El maestro le insistía al discípulo una y otra vez sobre la necesidad de cultivar la quietud de la mente. Le decía:
-Deja que tu mente se remanse, se tranquilice, se sosiegue.
-Pero ¿qué más? -preguntaba impaciente el discípulo.
-De momento, sólo eso -aseguraba el maestro.

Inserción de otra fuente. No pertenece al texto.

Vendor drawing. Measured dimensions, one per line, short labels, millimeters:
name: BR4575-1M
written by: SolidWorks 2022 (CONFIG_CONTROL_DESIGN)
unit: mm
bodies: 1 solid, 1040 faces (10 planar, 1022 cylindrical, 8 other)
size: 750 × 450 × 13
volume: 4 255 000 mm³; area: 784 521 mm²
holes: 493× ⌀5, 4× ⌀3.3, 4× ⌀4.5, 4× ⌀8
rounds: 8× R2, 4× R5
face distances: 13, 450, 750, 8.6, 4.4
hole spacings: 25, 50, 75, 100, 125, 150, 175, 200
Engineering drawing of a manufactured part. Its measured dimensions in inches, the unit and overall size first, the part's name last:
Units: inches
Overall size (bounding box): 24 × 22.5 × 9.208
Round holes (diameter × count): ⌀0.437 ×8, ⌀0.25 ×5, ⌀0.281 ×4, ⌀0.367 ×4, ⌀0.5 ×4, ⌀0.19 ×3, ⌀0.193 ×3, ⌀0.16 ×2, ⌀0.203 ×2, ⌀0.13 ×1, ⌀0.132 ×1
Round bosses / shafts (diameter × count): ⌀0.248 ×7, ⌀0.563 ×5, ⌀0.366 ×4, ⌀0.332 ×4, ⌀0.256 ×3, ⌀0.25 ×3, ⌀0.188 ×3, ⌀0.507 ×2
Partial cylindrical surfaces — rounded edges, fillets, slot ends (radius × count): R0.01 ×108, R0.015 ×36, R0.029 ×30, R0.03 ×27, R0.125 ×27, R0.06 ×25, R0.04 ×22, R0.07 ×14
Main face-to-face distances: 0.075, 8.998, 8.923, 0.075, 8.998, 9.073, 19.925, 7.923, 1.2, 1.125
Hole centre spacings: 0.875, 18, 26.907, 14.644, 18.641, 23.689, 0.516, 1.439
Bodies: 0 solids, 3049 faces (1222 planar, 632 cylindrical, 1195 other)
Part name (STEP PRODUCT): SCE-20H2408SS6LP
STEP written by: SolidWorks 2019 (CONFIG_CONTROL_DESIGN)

Y cada día exhortaba al discípulo a que se sosegase, superando toda inquietud, y a encontrar un estado interno de tranquilidad. Un día, el discípulo, harto de recibir siempre la misma instrucción, preguntó:
-Pero ¿por qué consideras tan importante la quietud?
El maestro le ordenó:
-Acompáñame.
Le condujo hasta un estanque y con su bastón comenzó a agitar las aguas. Preguntó:
-¿Puedes ver tu rostro en el agua?
-¿Cómo lo voy a ver si el agua está turbia? Así no es posible -replicó el discípulo, pensando que el maestro trataba de burlarse de él, y agregó-: Si agitas el agua y la enturbias, no puede reflejarse claramente mi rostro. .
Y el maestro dijo:
-De igual manera, mientras estés agitado no podrás ver el rostro de tu Yo interior.